Return, from the data that follows, each line that holds the word "color".

** Working data **
----
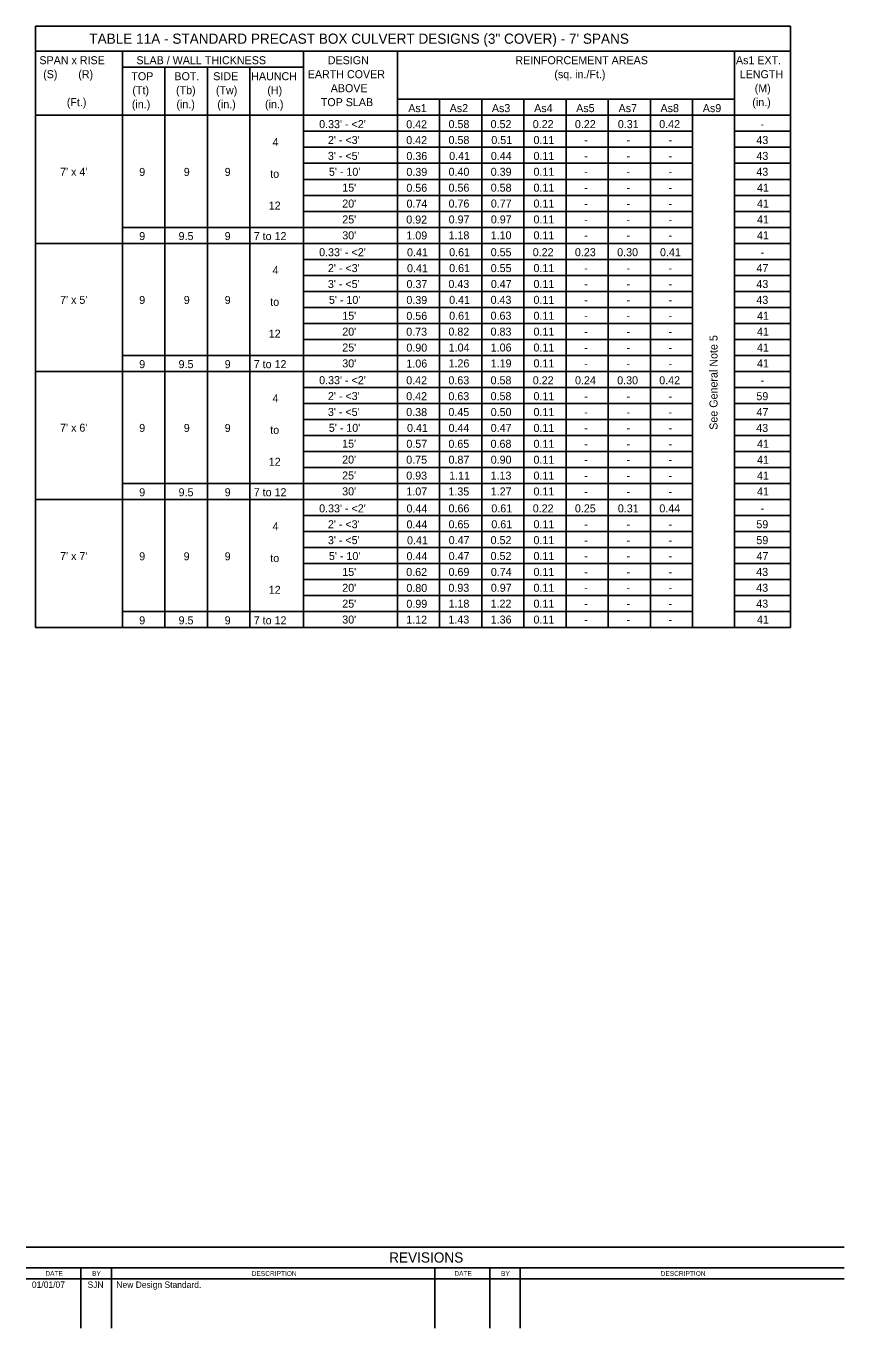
# Model space of a CAD drawing. Extents: x 10342.77 to 10344.98, y 76371.51 to 76372.62.
# Drawn here: x 10342.77 to 10343.414, y 76371.51 to 76372.535 of the extents above; entities that cross this region are included whole.
import ezdxf

# ---------------------------------------------------------------- set-up
doc = ezdxf.new("R2010")
doc.units = 0
for name, color, linetype in [('AdhocPoint_dp', 7, 'Continuous'), ('Border', 7, 'Continuous'), ('PlotBorder_dp', 7, 'Continuous')]:
    doc.layers.add(name, color=color, linetype=linetype)

msp = doc.modelspace()

# ---------------------------------------------------------------- linework, layer by layer
at = {"layer": 'Border'}
for p, q in [((10343.4138, 76371.5736), (10342.7697, 76371.5736)), ((10343.4138, 76371.5575), (10342.7697, 76371.5575)), ((10342.8127, 76371.5575), (10342.8127, 76371.5101)), ((10342.8369, 76371.5575), (10342.8369, 76371.5101)), ((10343.0917, 76371.5575), (10343.0917, 76371.5101)), ((10343.1348, 76371.5575), (10343.1348, 76371.5101)), ((10343.1589, 76371.5575), (10343.1589, 76371.5101)), ((10342.7697, 76371.5489), (10343.4138, 76371.5489))]:
    msp.add_line(p, q, dxfattribs=at)
at = {"layer": 'PlotBorder_dp'}
for p, q in [((10342.7771, 76372.5347), (10343.3718, 76372.5347)), ((10342.7771, 76372.5347), (10342.7771, 76372.0613)), ((10343.3718, 76372.5347), (10343.3718, 76372.0613)), ((10342.7771, 76372.5149), (10343.3718, 76372.5149)), ((10342.8457, 76372.5149), (10342.8457, 76372.0613)), ((10342.9882, 76372.5149), (10342.9882, 76372.0613)), ((10343.0621, 76372.5149), (10343.0621, 76372.0613)), ((10343.3277, 76372.5149), (10343.3277, 76372.0613)), ((10342.8457, 76372.5023), (10342.9882, 76372.5023)), ((10342.8791, 76372.5023), (10342.8791, 76372.0613)), ((10342.9125, 76372.5023), (10342.9125, 76372.0613)), ((10342.9458, 76372.5023), (10342.9458, 76372.0613)), ((10343.0621, 76372.4771), (10343.3277, 76372.4771)), ((10343.0953, 76372.4771), (10343.0953, 76372.0613)), ((10343.1285, 76372.4771), (10343.1285, 76372.0613)), ((10343.1617, 76372.4771), (10343.1617, 76372.0613)), ((10343.1949, 76372.4771), (10343.1949, 76372.0613)), ((10343.2281, 76372.4771), (10343.2281, 76372.0613)), ((10343.2281, 76372.4771), (10343.2281, 76372.0613)), ((10343.2613, 76372.4771), (10343.2613, 76372.0613)), ((10343.2945, 76372.4771), (10343.2945, 76372.0613)), ((10342.7771, 76372.4645), (10343.3718, 76372.4645)), ((10342.9882, 76372.4519), (10343.2945, 76372.4519)), ((10343.3277, 76372.4519), (10343.3718, 76372.4519)), ((10342.9882, 76372.4393), (10343.2945, 76372.4393)), ((10343.3277, 76372.4393), (10343.3718, 76372.4393)), ((10342.9882, 76372.4267), (10343.2945, 76372.4267)), ((10343.3277, 76372.4267), (10343.3718, 76372.4267)), ((10342.9882, 76372.4141), (10343.2945, 76372.4141)), ((10343.3277, 76372.4141), (10343.3718, 76372.4141)), ((10342.9882, 76372.4015), (10343.2945, 76372.4015)), ((10343.3277, 76372.4015), (10343.3718, 76372.4015)), ((10342.9882, 76372.3889), (10343.2945, 76372.3889)), ((10343.3277, 76372.3889), (10343.3718, 76372.3889)), ((10342.9882, 76372.3763), (10342.8457, 76372.3763)), ((10342.9882, 76372.3763), (10343.2945, 76372.3763)), ((10343.3277, 76372.3763), (10343.3718, 76372.3763)), ((10342.7771, 76372.3637), (10343.2945, 76372.3637)), ((10342.9888, 76372.3637), (10343.061, 76372.3637)), ((10343.3277, 76372.3637), (10343.3718, 76372.3637)), ((10342.9882, 76372.3511), (10343.2945, 76372.3511)), ((10343.3277, 76372.3511), (10343.3718, 76372.3511)), ((10342.9882, 76372.3385), (10343.2945, 76372.3385)), ((10343.3277, 76372.3385), (10343.3718, 76372.3385)), ((10342.9882, 76372.3259), (10343.2945, 76372.3259)), ((10343.3277, 76372.3259), (10343.3718, 76372.3259)), ((10342.9882, 76372.3133), (10343.2945, 76372.3133)), ((10343.3277, 76372.3133), (10343.3718, 76372.3133)), ((10342.9882, 76372.3007), (10343.2945, 76372.3007)), ((10343.3277, 76372.3007), (10343.3718, 76372.3007)), ((10342.9882, 76372.2881), (10343.2945, 76372.2881)), ((10343.3277, 76372.2881), (10343.3718, 76372.2881)), ((10342.9888, 76372.2755), (10342.8457, 76372.2755)), ((10342.9882, 76372.2755), (10343.2945, 76372.2755)), ((10342.9888, 76372.2755), (10343.061, 76372.2755)), ((10343.3277, 76372.2755), (10343.3718, 76372.2755)), ((10342.7771, 76372.2629), (10343.2945, 76372.2629)), ((10343.3277, 76372.2629), (10343.3718, 76372.2629)), ((10342.9882, 76372.2503), (10343.2945, 76372.2503)), ((10343.3277, 76372.2503), (10343.3718, 76372.2503)), ((10342.9882, 76372.2377), (10343.2945, 76372.2377)), ((10343.3277, 76372.2377), (10343.3718, 76372.2377)), ((10342.9882, 76372.2251), (10343.2945, 76372.2251)), ((10343.3277, 76372.2251), (10343.3718, 76372.2251)), ((10342.9882, 76372.2125), (10343.2945, 76372.2125)), ((10343.3277, 76372.2125), (10343.3718, 76372.2125)), ((10342.9882, 76372.1999), (10343.2945, 76372.1999)), ((10343.3277, 76372.1999), (10343.3718, 76372.1999)), ((10342.9882, 76372.1873), (10343.2945, 76372.1873)), ((10343.3277, 76372.1873), (10343.3718, 76372.1873)), ((10342.9882, 76372.1747), (10342.8457, 76372.1747)), ((10342.9882, 76372.1747), (10343.2945, 76372.1747)), ((10343.3277, 76372.1747), (10343.3718, 76372.1747)), ((10342.7771, 76372.1621), (10343.2945, 76372.1621)), ((10343.3277, 76372.1621), (10343.3718, 76372.1621)), ((10342.9882, 76372.1495), (10343.2945, 76372.1495)), ((10343.3277, 76372.1495), (10343.3718, 76372.1495)), ((10342.9882, 76372.1369), (10343.2945, 76372.1369)), ((10343.3277, 76372.1369), (10343.3718, 76372.1369)), ((10342.9882, 76372.1243), (10343.2945, 76372.1243)), ((10343.3277, 76372.1243), (10343.3718, 76372.1243)), ((10342.9882, 76372.1117), (10343.2945, 76372.1117)), ((10343.3277, 76372.1117), (10343.3718, 76372.1117)), ((10342.9882, 76372.0991), (10343.2945, 76372.0991)), ((10343.3277, 76372.0991), (10343.3718, 76372.0991)), ((10342.9882, 76372.0865), (10343.2945, 76372.0865)), ((10343.3277, 76372.0865), (10343.3718, 76372.0865)), ((10342.9882, 76372.0739), (10342.8457, 76372.0739)), ((10342.9882, 76372.0739), (10343.2945, 76372.0739)), ((10343.3277, 76372.0739), (10343.3718, 76372.0739)), ((10342.7771, 76372.0613), (10343.3718, 76372.0613)), ((10342.9888, 76372.0613), (10343.061, 76372.0613))]:
    msp.add_line(p, q, dxfattribs=at)

# ---------------------------------------------------------------- texts
at = {"layer": 'AdhocPoint_dp'}
for s, height, p in [('TABLE 11A - STANDARD PRECAST BOX CULVERT DESIGNS (3" COVER) - 7\' SPANS', 0.008, (10342.8195, 76372.5208)), ('SLAB / WALL THICKNESS', 0.0063, (10342.8566, 76372.5047)), ('As1', 0.0063, (10343.0707, 76372.467)), ('As2', 0.0063, (10343.1033, 76372.467)), ('As3', 0.0063, (10343.1365, 76372.467)), ('As4', 0.0063, (10343.1698, 76372.467)), ('As5', 0.0063, (10343.2029, 76372.467)), ('As7', 0.0063, (10343.2363, 76372.467)), ('As8', 0.0063, (10343.2693, 76372.467)), ('As9', 0.0063, (10343.3026, 76372.467)), ('9', 0.0063, (10342.8588, 76372.4168)), ('9', 0.0063, (10342.8939, 76372.4168)), ('9', 0.0063, (10342.9261, 76372.4168)), ('9', 0.0063, (10342.8588, 76372.3663)), ('9.5', 0.0063, (10342.8898, 76372.3663)), ('9', 0.0063, (10342.9261, 76372.3663)), ('7 to 12', 0.0063, (10342.949, 76372.3663)), ('9', 0.0063, (10342.8588, 76372.316)), ('9', 0.0063, (10342.8939, 76372.316)), ('9', 0.0063, (10342.9261, 76372.316)), ('9', 0.0063, (10342.8588, 76372.2655)), ('9.5', 0.0063, (10342.8898, 76372.2655)), ('9', 0.0063, (10342.9261, 76372.2655)), ('7 to 12', 0.0063, (10342.949, 76372.2655)), ('9', 0.0063, (10342.8588, 76372.2153)), ('9', 0.0063, (10342.8939, 76372.2153)), ('9', 0.0063, (10342.9261, 76372.2153)), ('9', 0.0063, (10342.8588, 76372.1647)), ('9.5', 0.0063, (10342.8898, 76372.1647)), ('9', 0.0063, (10342.9261, 76372.1647)), ('7 to 12', 0.0063, (10342.949, 76372.1647)), ('9', 0.0063, (10342.8588, 76372.1143)), ('9', 0.0063, (10342.8938, 76372.1143)), ('9', 0.0063, (10342.9261, 76372.1143)), ('9', 0.0063, (10342.8588, 76372.0639)), ('9.5', 0.0063, (10342.8898, 76372.0639)), ('9', 0.0063, (10342.9261, 76372.0639)), ('7 to 12', 0.0063, (10342.949, 76372.0639)), ('REVISIONS', 0.00802, (10343.0556, 76371.5616)), ('01/01/07', 0.005, (10342.7743, 76371.5417)), ('SJN', 0.005, (10342.8181, 76371.5417)), ('BY', 0.00375, (10342.8217, 76371.5511)), ('New Design Standard.', 0.005, (10342.8408, 76371.5417)), ('BY', 0.00375, (10343.1437, 76371.5511))]:
    msp.add_text(s, height=height, dxfattribs=at).set_placement(p)
for s, height, rotation, p in [('See General Note 5', 0.0063, 90, (10343.3142, 76372.217)), ('DATE', 0.00374, 359.8693, (10342.7849, 76371.5512)), ('DESCRIPTION', 0.003752, 0.0498, (10342.9474, 76371.5511)), ('DATE', 0.00374, 359.8693, (10343.107, 76371.5512)), ('DESCRIPTION', 0.003752, 0.0498, (10343.2694, 76371.5511))]:
    msp.add_text(s, height=height, rotation=rotation, dxfattribs=at).set_placement(p)
at = {"layer": 'PlotBorder_dp'}
for s, p in [('SPAN x RISE', (10342.7802, 76372.5047)), ('DESIGN', (10343.0073, 76372.5047)), ('REINFORCEMENT AREAS', (10343.155, 76372.5047)), ('(S)       (R)', (10342.7832, 76372.4937)), ('TOP', (10342.8526, 76372.4921)), ('BOT.', (10342.8865, 76372.4921)), ('SIDE', (10342.9171, 76372.4921)), ('HAUNCH', (10342.947, 76372.4921)), ('EARTH COVER', (10342.9915, 76372.4937)), ('(sq. in./Ft.)', (10343.1857, 76372.4937)), ('(Tt)', (10342.8534, 76372.4811)), ('(Tb)', (10342.8878, 76372.4811)), ('(Tw)', (10342.9192, 76372.4811)), ('(H)', (10342.9597, 76372.4811)), ('ABOVE', (10343.0096, 76372.4827)), ('(Ft.)', (10342.8018, 76372.4717)), ('TOP SLAB', (10343.0018, 76372.4717)), ('(in.)', (10342.853, 76372.4701)), ('(in.)', (10342.8881, 76372.4701)), ('(in.)', (10342.9203, 76372.4701)), ('(in.)', (10342.9579, 76372.4701)), ("0.33' - <2'", (10343.0005, 76372.4544)), ('0.42', (10343.0691, 76372.4543)), ('0.58', (10343.1024, 76372.4544)), ('0.52', (10343.1355, 76372.4544)), ('0.22', (10343.1687, 76372.4544)), ('0.22', (10343.2019, 76372.4544)), ('0.31', (10343.2357, 76372.4544)), ('0.42', (10343.2683, 76372.4544)), ('-', (10343.3481, 76372.4544)), ('4', (10342.9638, 76372.4403)), ("2' - <3'", (10343.0074, 76372.4419)), ('0.42', (10343.0691, 76372.4418)), ('0.58', (10343.1024, 76372.4419)), ('0.51', (10343.1361, 76372.4419)), ('0.11', (10343.1693, 76372.4419)), ('43', (10343.3448, 76372.4419)), ('-', (10343.2093, 76372.4419)), ('-', (10343.2425, 76372.4419)), ('-', (10343.2757, 76372.4419)), ("3' - <5'", (10343.0074, 76372.4294)), ('0.36', (10343.0692, 76372.4293)), ('0.41', (10343.1029, 76372.4294)), ('0.44', (10343.1357, 76372.4294)), ('0.11', (10343.1693, 76372.4294)), ('-', (10343.2093, 76372.4294)), ('-', (10343.2425, 76372.4294)), ('-', (10343.2757, 76372.4294)), ('43', (10343.3448, 76372.4294)), ("7' x 4'", (10342.7965, 76372.4169)), ('to', (10342.962, 76372.4153)), ("5' - 10'", (10343.0082, 76372.4169)), ('0.39', (10343.0692, 76372.4168)), ('0.40', (10343.1024, 76372.4169)), ('0.39', (10343.1356, 76372.4169)), ('0.11', (10343.1693, 76372.4169)), ('-', (10343.2093, 76372.4169)), ('-', (10343.2425, 76372.4169)), ('-', (10343.2757, 76372.4169)), ('43', (10343.3448, 76372.4169)), ("15'", (10343.0187, 76372.4044)), ('0.56', (10343.0692, 76372.4043)), ('0.56', (10343.1024, 76372.4044)), ('0.58', (10343.1356, 76372.4044)), ('0.11', (10343.1693, 76372.4044)), ('-', (10343.2093, 76372.4044)), ('-', (10343.2425, 76372.4044)), ('-', (10343.2757, 76372.4044)), ('41', (10343.3453, 76372.4044)), ('12', (10342.9608, 76372.3903)), ("20'", (10343.0187, 76372.3919)), ('0.74', (10343.0693, 76372.3918)), ('0.76', (10343.1024, 76372.3919)), ('0.77', (10343.1357, 76372.3919)), ('0.11', (10343.1693, 76372.3919)), ('41', (10343.3453, 76372.3919)), ("25'", (10343.0187, 76372.3794)), ('0.92', (10343.0691, 76372.3793)), ('0.97', (10343.1025, 76372.3794)), ('0.97', (10343.1357, 76372.3794)), ('0.11', (10343.1693, 76372.3794)), ('-', (10343.2093, 76372.3919)), ('-', (10343.2425, 76372.3919)), ('-', (10343.2757, 76372.3919)), ('41', (10343.3453, 76372.3794)), ('-', (10343.2093, 76372.3794)), ('-', (10343.2425, 76372.3794)), ('-', (10343.2757, 76372.3794)), ("30'", (10343.0187, 76372.3669)), ('1.09', (10343.0692, 76372.3668)), ('1.18', (10343.1024, 76372.3669)), ('1.10', (10343.1356, 76372.3669)), ('0.11', (10343.1693, 76372.3669)), ('-', (10343.2093, 76372.3669)), ('-', (10343.2425, 76372.3669)), ('-', (10343.2757, 76372.3669)), ('41', (10343.3453, 76372.3669)), ("0.33' - <2'", (10343.0005, 76372.3536)), ('0.41', (10343.0697, 76372.3535)), ('0.61', (10343.1029, 76372.3536)), ('0.55', (10343.1356, 76372.3536)), ('0.22', (10343.1687, 76372.3536)), ('0.23', (10343.2019, 76372.3536)), ('0.30', (10343.2352, 76372.3536)), ('0.41', (10343.2689, 76372.3536)), ('-', (10343.3481, 76372.3536)), ('4', (10342.9638, 76372.3395)), ("2' - <3'", (10343.0074, 76372.3411)), ('0.41', (10343.0697, 76372.341)), ('0.61', (10343.1029, 76372.3411)), ('0.55', (10343.1356, 76372.3411)), ('0.11', (10343.1693, 76372.3411)), ('-', (10343.2093, 76372.3411)), ('-', (10343.2425, 76372.3411)), ('-', (10343.2757, 76372.3411)), ('47', (10343.3449, 76372.3411)), ("3' - <5'", (10343.0074, 76372.3286)), ('0.37', (10343.0693, 76372.3285)), ('0.43', (10343.1023, 76372.3286)), ('0.47', (10343.1357, 76372.3286)), ('0.11', (10343.1693, 76372.3286)), ('43', (10343.3448, 76372.3286)), ('-', (10343.2093, 76372.3286)), ('-', (10343.2425, 76372.3286)), ('-', (10343.2757, 76372.3286)), ("7' x 5'", (10342.7965, 76372.3161)), ('to', (10342.962, 76372.3145)), ("5' - 10'", (10343.0082, 76372.3161)), ('0.39', (10343.0692, 76372.316)), ('0.41', (10343.1029, 76372.3161)), ('0.43', (10343.1355, 76372.3161)), ('0.11', (10343.1693, 76372.3161)), ('-', (10343.2093, 76372.3161)), ('-', (10343.2425, 76372.3161)), ('-', (10343.2757, 76372.3161)), ('43', (10343.3448, 76372.3161)), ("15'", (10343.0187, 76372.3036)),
----
** Finished task **
for name, color, linetype in [('AdhocPoint_dp', 7, 'Continuous'), ('Border', 7, 'Continuous'), ('PlotBorder_dp', 7, 'Continuous')]:
    doc.layers.add(name, color=color, linetype=linetype)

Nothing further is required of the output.